Book Read Free

Unholy Ghost

Page 9

by James Green


  Jimmy waited. He’d chosen his words carefully, now it was for his visitor to think and make a decision. It was still a tricky call. Jimmy had hung out his message through airport security in the hope it would find its way to this man, the policeman who kicked him out. He also hoped that Paris was no different to how London used to be, that the police and those who worked closely with the police looked after their own. It seemed they did because now the man was in his room.

  So far so good. But now he had to wait and see if this copper wanted to know why he was back. He needed him to be interested enough to want more, but not frightened enough to do anything silly, like have him killed. He wanted to bring him alongside. But would he come, or would he decide that Jimmy was too much of a risk? He needed to find a way into this thing and it only opened from the inside. He needed to acquire a friend for his side of the ledger, a friend who was part of that inside.

  So he waited to see which way his visitor would jump.

  Chapter Nineteen

  Parker and Henry International had a suite of offices on the thirty-first floor of the Tower Initiale. From the windows you got a view of the other, bigger, more modern skyscrapers that had sprouted up all over the district known as La Défense, the financial heart of Paris which, unlike London’s City, beat in its western suburbs.

  Nadine Heppert met him at the elevator. From a distance she looked in her early twenties, but close up you realised that a considerable part of that illusion was the way she was turned out. But the special effects were justified because even Jimmy, who was no expert on women’s fashion or beauty, could see she was something a little special.

  ‘Good morning, Mr Costello, thank you for coming.’

  Her English was excellent but with a background accent that didn’t sound French. Dutch? Belgian?

  ‘Thank you for fitting me in so quickly.’

  She led the way down a corridor to her office. They went in and sat down.

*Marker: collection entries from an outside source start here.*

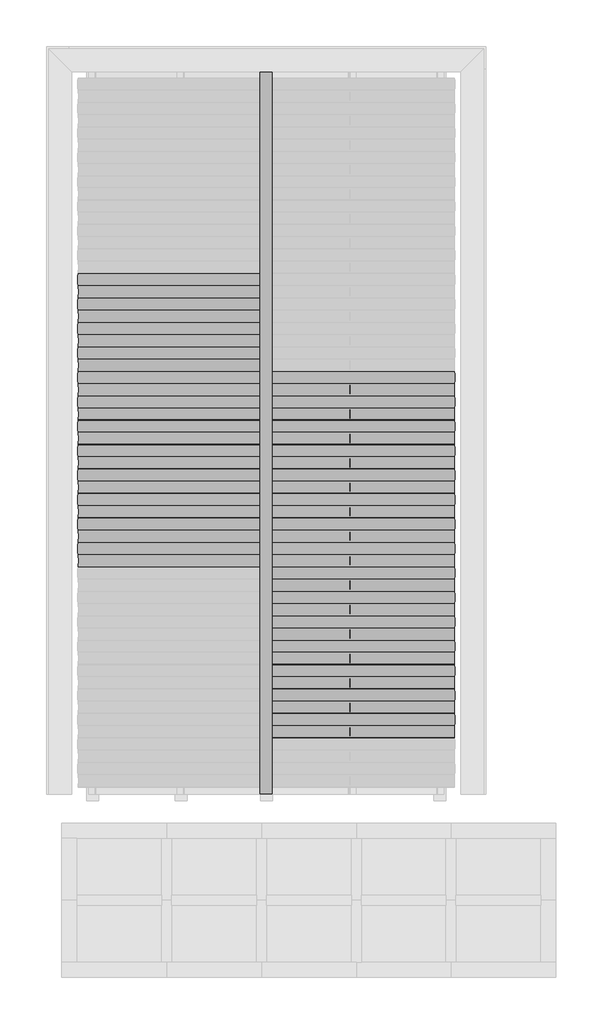
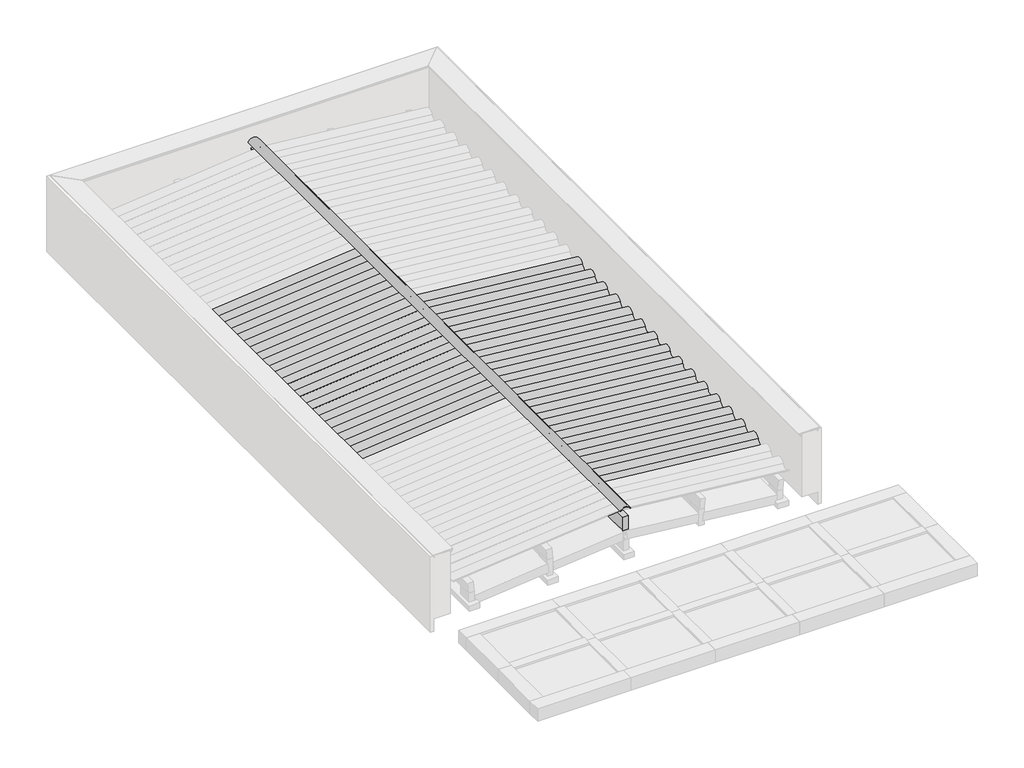
# One storey, part 2 of 3: 34 beams, 6 columns.
"""IFC4 building model written with IfcOpenShell, lengths in millimetres."""

import ifcopenshell
import ifcopenshell.guid

model = None  # the IFC model being written
_history = None  # IfcOwnerHistory: only IFC2X3 demands one
_inside = {}  # id of a spatial element -> (the spatial element, [elements in it])
_under = {}  # id of a project, library or spatial element -> (it, [spatial elements below it])
_declared = {}  # id of a project -> (the project, [libraries it declares])
_typed = {}  # id of a type object -> (the type object, [elements of that type])
_made_of = {}  # id of a material, layer set ... -> (it, [elements and type objects made of it])


def new_model(schema):
    """Start an empty IFC model of exactly this schema.

    Asked for "IFC4X3", IfcOpenShell would pick the latest addendum, in which some entities
    have other attributes; the version numbers below select the first issue.
    IFC2X3 requires an IfcOwnerHistory on every rooted entity: one is made here for all.
    """
    global model, _history
    if schema == "IFC4X3":
        model = ifcopenshell.file(schema_version=(4, 3, 0, 0))
    else:
        model = ifcopenshell.file(schema=schema)
    _inside.clear()
    _under.clear()
    _declared.clear()
    _typed.clear()
    _made_of.clear()
    _history = None
    if model.schema == "IFC2X3":
        org = make("IfcOrganization", Name="unknown")
        user = make(
            "IfcPersonAndOrganization",
            ThePerson=make("IfcPerson", FamilyName="unknown"),
            TheOrganization=org,
        )
        app = make(
            "IfcApplication",
            ApplicationDeveloper=org,
            Version="unknown",
            ApplicationFullName="unknown",
            ApplicationIdentifier="unknown",
        )
        _history = make(
            "IfcOwnerHistory",
            OwningUser=user,
            OwningApplication=app,
            ChangeAction="ADDED",
            CreationDate=0,
        )
    return model


def make(cls, **values):
    """One entity of the class cls with the attributes given. An attribute that is None is left unset."""
    return model.create_entity(
        cls, **{name: value for name, value in values.items() if value is not None}
    )


def rooted(cls, **values):
    """An entity with a GlobalId (a new one), such as an element, a storey or a relation."""
    return make(cls, GlobalId=ifcopenshell.guid.new(), OwnerHistory=_history, **values)


def si_unit(unit_type, name, prefix=None):
    """IfcSIUnit, for example si_unit("LENGTHUNIT", "METRE", prefix="MILLI")."""
    return make("IfcSIUnit", UnitType=unit_type, Prefix=prefix, Name=name)


def assignment(units):
    """IfcUnitAssignment: the units of a project."""
    return None if units is None else make("IfcUnitAssignment", Units=units)


def point(xyz):
    """IfcCartesianPoint."""
    return None if xyz is None else make("IfcCartesianPoint", Coordinates=xyz)


def direction(xyz):
    """IfcDirection."""
    return None if xyz is None else make("IfcDirection", DirectionRatios=xyz)


def frame(location, z_axis=None, x_axis=None):
    """IfcAxis2Placement3D, a coordinate frame: its origin and axes. An axis left out is left unset."""
    return make(
        "IfcAxis2Placement3D",
        Location=point(location),
        Axis=direction(z_axis),
        RefDirection=direction(x_axis),
    )


def frame_2d(location, x_axis=None):
    """IfcAxis2Placement2D, a coordinate frame in the plane: its origin and x axis."""
    return make(
        "IfcAxis2Placement2D", Location=point(location), RefDirection=direction(x_axis)
    )


def origin():
    """The frame at (0, 0, 0) with its axes left unset."""
    return frame((0.0, 0.0, 0.0))


def place(relative_to, where):
    """IfcLocalPlacement: puts the frame where relative to a parent placement (None: the world)."""
    return make(
        "IfcLocalPlacement", PlacementRelTo=relative_to, RelativePlacement=where
    )


def context(
    kind, dimensions, precision=None, world=None, true_north=None, identifier=None
):
    """IfcGeometricRepresentationContext, for example the 3D "Model" context."""
    return make(
        "IfcGeometricRepresentationContext",
        ContextIdentifier=identifier,
        ContextType=kind,
        CoordinateSpaceDimension=dimensions,
        Precision=precision,
        WorldCoordinateSystem=world,
        TrueNorth=true_north,
    )


def project(units=None, contexts=None):
    """IfcProject with its units and contexts."""
    return rooted(
        "IfcProject",
        Name="project",
        RepresentationContexts=contexts,
        UnitsInContext=assignment(units),
    )


def spatial(cls, under=None, at=None, **own):
    """A site, building, storey or space (cls), placed at a placement, below another one or the project."""
    s = rooted(cls, ObjectPlacement=at, **own)
    if under is not None:
        _under.setdefault(under.id(), (under, []))[1].append(s)
    return s


def polyline(points):
    """IfcPolyline through the points."""
    return make("IfcPolyline", Points=[point(p) for p in points])


def circle_curve(where, radius):
    """IfcCircle in the frame where."""
    return make("IfcCircle", Position=where, Radius=radius)


def trimmed(basis, trim1, trim2, sense, master):
    """IfcTrimmedCurve: the piece of a basis curve between two trims."""
    return make(
        "IfcTrimmedCurve",
        BasisCurve=basis,
        Trim1=trim1,
        Trim2=trim2,
        SenseAgreement=sense,
        MasterRepresentation=master,
    )


def segment(curve, same_sense, transition):
    """IfcCompositeCurveSegment."""
    return make(
        "IfcCompositeCurveSegment",
        Transition=transition,
        SameSense=same_sense,
        ParentCurve=curve,
    )


def composite_curve(segments, self_intersect=None):
    """IfcCompositeCurve: segments joined end to end."""
    return make("IfcCompositeCurve", Segments=segments, SelfIntersect=self_intersect)


def outline(outer, holes=None, kind="AREA"):
    """IfcArbitraryClosedProfileDef: a profile drawn as a closed curve; with holes, ...WithVoids."""
    if holes is None:
        return make("IfcArbitraryClosedProfileDef", ProfileType=kind, OuterCurve=outer)
    return make(
        "IfcArbitraryProfileDefWithVoids",
        ProfileType=kind,
        OuterCurve=outer,
        InnerCurves=holes,
    )


def extrude(swept, where, along, depth):
    """IfcExtrudedAreaSolid: the profile swept, set in the frame where, extruded along a direction by depth."""
    return make(
        "IfcExtrudedAreaSolid",
        SweptArea=swept,
        Position=where,
        ExtrudedDirection=direction(along),
        Depth=depth,
    )


def shape(context_of_items, identifier, shape_type, items):
    """IfcShapeRepresentation: the items that make up one representation, for example the "Body"."""
    return make(
        "IfcShapeRepresentation",
        ContextOfItems=context_of_items,
        RepresentationIdentifier=identifier,
        RepresentationType=shape_type,
        Items=items,
    )


def source(mapping_origin, context_of_items, identifier, shape_type, items):
    """IfcRepresentationMap: a shape defined once, which mapped items show again and again."""
    return make(
        "IfcRepresentationMap",
        MappingOrigin=mapping_origin,
        MappedRepresentation=shape(context_of_items, identifier, shape_type, items),
    )


def transform(
    local_origin,
    x_axis=None,
    y_axis=None,
    z_axis=None,
    scale=None,
    scale2=None,
    scale3=None,
    uniform=True,
):
    """IfcCartesianTransformationOperator3D, or its non-uniform kind. x_axis, y_axis, z_axis: its Axis1, 2, 3."""
    if uniform:
        return make(
            "IfcCartesianTransformationOperator3D",
            Axis1=direction(x_axis),
            Axis2=direction(y_axis),
            LocalOrigin=point(local_origin),
            Scale=scale,
            Axis3=direction(z_axis),
        )
    return make(
        "IfcCartesianTransformationOperator3DnonUniform",
        Axis1=direction(x_axis),
        Axis2=direction(y_axis),
        LocalOrigin=point(local_origin),
        Scale=scale,
        Axis3=direction(z_axis),
        Scale2=scale2,
        Scale3=scale3,
    )


def mapped(mapping_source, mapping_target):
    """IfcMappedItem: shows the shape of a source again, moved by a transform."""
    return make(
        "IfcMappedItem", MappingSource=mapping_source, MappingTarget=mapping_target
    )


def made_of(thing, what):
    """Note that an element or type object is made of a material, layer set ...; save() writes the relation."""
    if what is not None:
        _made_of.setdefault(what.id(), (what, []))[1].append(thing)
    return thing


def element(
    cls,
    number,
    at=None,
    inside=None,
    cuts=None,
    type_object=None,
    material=None,
    context=None,
    identifier="Body",
    shape_type=None,
    held_by="IfcProductDefinitionShape",
    body=None,
    shapes=None,
    **own,
):
    """One element of the class cls, such as IfcWall. Its Tag is "e" and its number.

    at: its placement. inside: the storey or other place that contains it. cuts: it is an
    opening in that element (IfcRelVoidsElement). A single representation is given by context,
    identifier, shape_type and body (its items); several are given by shapes. held_by: the class
    of the entity that holds the representations. save() writes the other relations.
    """
    e = rooted(cls, Tag="e%d" % number, ObjectPlacement=at, **own)
    if body is not None:
        shapes = [shape(context, identifier, shape_type, body)]
    if shapes is not None:
        e.Representation = make(held_by, Representations=shapes)
    if inside is not None:
        _inside.setdefault(inside.id(), (inside, []))[1].append(e)
    if cuts is not None:
        rooted(
            "IfcRelVoidsElement", RelatingBuildingElement=cuts, RelatedOpeningElement=e
        )
    if type_object is not None:
        _typed.setdefault(type_object.id(), (type_object, []))[1].append(e)
    return made_of(e, material)


def aggregate(whole, parts):
    """IfcRelAggregates: a whole, such as a stair, and the parts it consists of."""
    return rooted("IfcRelAggregates", RelatingObject=whole, RelatedObjects=parts)


def save(model, path):
    """Write the relations noted so far, then the file.

    IfcRelAggregates (storeys below a building ...), IfcRelContainedInSpatialStructure (elements
    in a storey), IfcRelDefinesByType, IfcRelAssociatesMaterial and IfcRelDeclares: one each for
    every whole, place, type object, material and project.
    """
    for whole, parts in _under.values():
        aggregate(whole, parts)
    for where, things in _inside.values():
        rooted(
            "IfcRelContainedInSpatialStructure",
            RelatedElements=things,
            RelatingStructure=where,
        )
    for kind, things in _typed.values():
        rooted("IfcRelDefinesByType", RelatedObjects=things, RelatingType=kind)
    for what, things in _made_of.values():
        rooted("IfcRelAssociatesMaterial", RelatedObjects=things, RelatingMaterial=what)
    for by, libraries in _declared.values():
        rooted("IfcRelDeclares", RelatingContext=by, RelatedDefinitions=libraries)
    model.write(path)


def cumeeira_telha_ondulada_fibrocimento_28917381(model_context):
    return source(origin(), model_context, "Body", "SweptSolid", [
        extrude(outline(composite_curve([segment(polyline([(58.3970135, 42.4437972), (53.9055884, 40.2467307)]), True, "CONTINUOUS"), segment(trimmed(circle_curve(frame_2d((-1.6029865, 13.0936483)), 61.7939461), [point((53.9055884, 40.2467307))], [point((-57.1115615, 40.2467307))], True, "CARTESIAN"), True, "CONTINUOUS"), segment(polyline([(-57.1115615, 40.2467307), (-61.6029865, 42.4437972)]), True, "CONTINUOUS"), segment(trimmed(circle_curve(frame_2d((-1.6029865, 13.0936483)), 66.7939461), [point((-61.6029865, 42.4437972))], [point((58.3970135, 42.4437972))], False, "CARTESIAN"), True, "CONTINUOUS")], self_intersect=False)), frame((-3626.5, 0.0, 0.0), z_axis=(1.0, 0.0, 0.0), x_axis=(0.0, 1.0, 0.0)), (0.0, 0.0, 1.0), 7253.0),
    ])


def viga_cumeeira_6x16cm_d80f05ee(model_context):
    return source(origin(), model_context, "Body", "SweptSolid", [
        extrude(outline(polyline([(3626.5, 30.0), (3626.5, -30.0), (-3626.5, -30.0), (-3626.5, 30.0), (3626.5, 30.0)])), frame((0.0, 0.0, -80.0), z_axis=(0.0, 0.0, 1.0), x_axis=(1.0, 0.0, 0.0)), (0.0, 0.0, 1.0), 160.0),
    ])


def column_1cffec27(model_context):
    return source(origin(), model_context, "Body", "SweptSolid", [
        extrude(outline(polyline([(30.0, 80.0), (30.0, -80.0), (-30.0, -80.0), (-30.0, 80.0), (30.0, 80.0)])), frame((0.0, 0.0, 3110.0), z_axis=(0.0, 0.0, 1.0), x_axis=(1.0, 0.0, 0.0)), (0.0, 0.0, 1.0), 238.0),
    ])


def column_35730ad5(model_context):
    return source(origin(), model_context, "Body", "SweptSolid", [
        extrude(outline(polyline([(30.0, 80.0), (30.0, -80.0), (-30.0, -80.0), (-30.0, 80.0), (30.0, 80.0)])), frame((0.0, 0.0, 3110.0), z_axis=(0.0, 0.0, 1.0), x_axis=(1.0, 0.0, 0.0)), (0.0, 0.0, 1.0), 197.9),
    ])


def column_00c463e4(model_context):
    return source(origin(), model_context, "Body", "SweptSolid", [
        extrude(outline(polyline([(30.0, 80.0), (30.0, -80.0), (-30.0, -80.0), (-30.0, 80.0), (30.0, 80.0)])), frame((0.0, 0.0, 3110.0), z_axis=(0.0, 0.0, 1.0), x_axis=(1.0, 0.0, 0.0)), (0.0, 0.0, 1.0), 109.8),
    ])


model = new_model("IFC4")

# Units and contexts
model_context = context("Model", 3, world=origin())
ifc_project = project(units=[si_unit("LENGTHUNIT", "METRE", prefix="MILLI")], contexts=[model_context])

# Site, building, storey
site = spatial("IfcSite", under=ifc_project)
building = spatial("IfcBuilding", under=site)
storey = spatial("IfcBuildingStorey", under=building, Name="COB. GARAGEM", Elevation=3050.0)

# Beams
placement = place(None, origin())
element("IfcBeam", 1, ObjectType="Madeira de lei : Berço 6x12cm", at=placement, inside=storey, context=model_context, shape_type="SweptSolid", body=[
    extrude(outline(polyline([(-9620.281307, 4423.9300153), (-9500.281307, 4423.9300153), (-9500.281307, 2423.9300153), (-9620.281307, 2423.9300153), (-9620.281307, 4423.9300153)])), frame((0.0, 0.0, 3050.0), z_axis=(0.0, 0.0, 1.0), x_axis=(1.0, 0.0, 0.0)), (0.0, 0.0, 1.0), 60.0),
])
element("IfcBeam", 2, ObjectType="Madeira de lei : Berço 6x12cm", at=placement, inside=storey, context=model_context, shape_type="SweptSolid", body=[
    extrude(outline(polyline([(-9620.281307, 2423.9300153), (-9500.281307, 2423.9300153), (-9500.281307, 423.9300153), (-9620.281307, 423.9300153), (-9620.281307, 2423.9300153)])), frame((0.0, 0.0, 3050.0), z_axis=(0.0, 0.0, 1.0), x_axis=(1.0, 0.0, 0.0)), (0.0, 0.0, 1.0), 60.0),
])
element("IfcBeam", 3, ObjectType="Madeira de lei : Berço 6x12cm", at=placement, inside=storey, context=model_context, shape_type="SweptSolid", body=[
    extrude(outline(polyline([(-8767.0824227, 4423.9300153), (-8647.0824227, 4423.9300153), (-8647.0824227, 2423.9300153), (-8767.0824227, 2423.9300153), (-8767.0824227, 4423.9300153)])), frame((0.0, 0.0, 3050.0), z_axis=(0.0, 0.0, 1.0), x_axis=(1.0, 0.0, 0.0)), (0.0, 0.0, 1.0), 60.0),
])
element("IfcBeam", 4, ObjectType="Madeira de lei : Berço 6x12cm", at=placement, inside=storey, context=model_context, shape_type="SweptSolid", body=[
    extrude(outline(polyline([(-10473.4801913, 4423.9300153), (-10353.4801913, 4423.9300153), (-10353.4801913, 2423.9300153), (-10473.4801913, 2423.9300153), (-10473.4801913, 4423.9300153)])), frame((0.0, 0.0, 3050.0), z_axis=(0.0, 0.0, 1.0), x_axis=(1.0, 0.0, 0.0)), (0.0, 0.0, 1.0), 60.0),
])
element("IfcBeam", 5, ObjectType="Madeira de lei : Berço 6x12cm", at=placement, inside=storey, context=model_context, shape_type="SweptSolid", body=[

  ‘I fitted you in, Mr Costello, because if your time, like mine, is valuable I don’t want either of us to waste it.’

  ‘Waste it?’

  ‘Yes. You were asked to find the legal heir to the estate of Mme Colmar, were you not?’

  ‘Yes.’

  ‘That will no longer be necessary.’

  ‘You firing me?’

  ‘No. How could I do that? We never hired you. Any charges or fees you wish to claim for your services must be made to M. Joubert’s office or to the Sisters of Bon Secours, whichever you feel is your employer in the matter.’

  ‘So how come you’re telling me I’m surplus to requirements?’

  ‘Because we are handling the matter now and we have found the heirs to Mme Colmar’s estate.’

  ‘Heirs?’

  ‘Yes, two brothers, the sons of Mme Colmar’s daughter. She married a musician named Henry Budge when she was sixteen, they had two children, boys. There are no other known members of Mme Colmar’s family and, as the brothers’ parents are both dead, they are the nearest living relatives. We shall be processing a claim to the estate on their behalf. So you see, your services, though they are excellent I am sure, are no longer required in this matter.’

  ‘Are they black?’

  ‘Really, Mr Costello, their ethnicity is hardly any …’

  ‘The musician Colmar’s daughter ran off with was black.’ She tried, and failed, to keep the surprise out of her face. So, thought Jimmy, not so perfect after all. ‘Was this Henry Budge, who you say was supposed to be their father, black?’

  ‘There is no supposed about it. Mme Colmar’s daughter married Henry Louis Budge in the Baptist church in Choquette, Fern County, Florida in February 1951. They moved to Chicago in 1953 and the boys were born there in 1956 and 1958 at the city hospital. The papers are all in order, I assure you. We have been very thorough.’

  ‘I congratulate you, and considering you’ve only just taken over the case from M. Joubert, I’d say your success borders on the miraculous.’

  ‘Our head office in New York located the brothers. M. Joubert was acting for the sisters here in Paris. We were acting for parties in the United States. The two lines of enquiry crossed only recently.’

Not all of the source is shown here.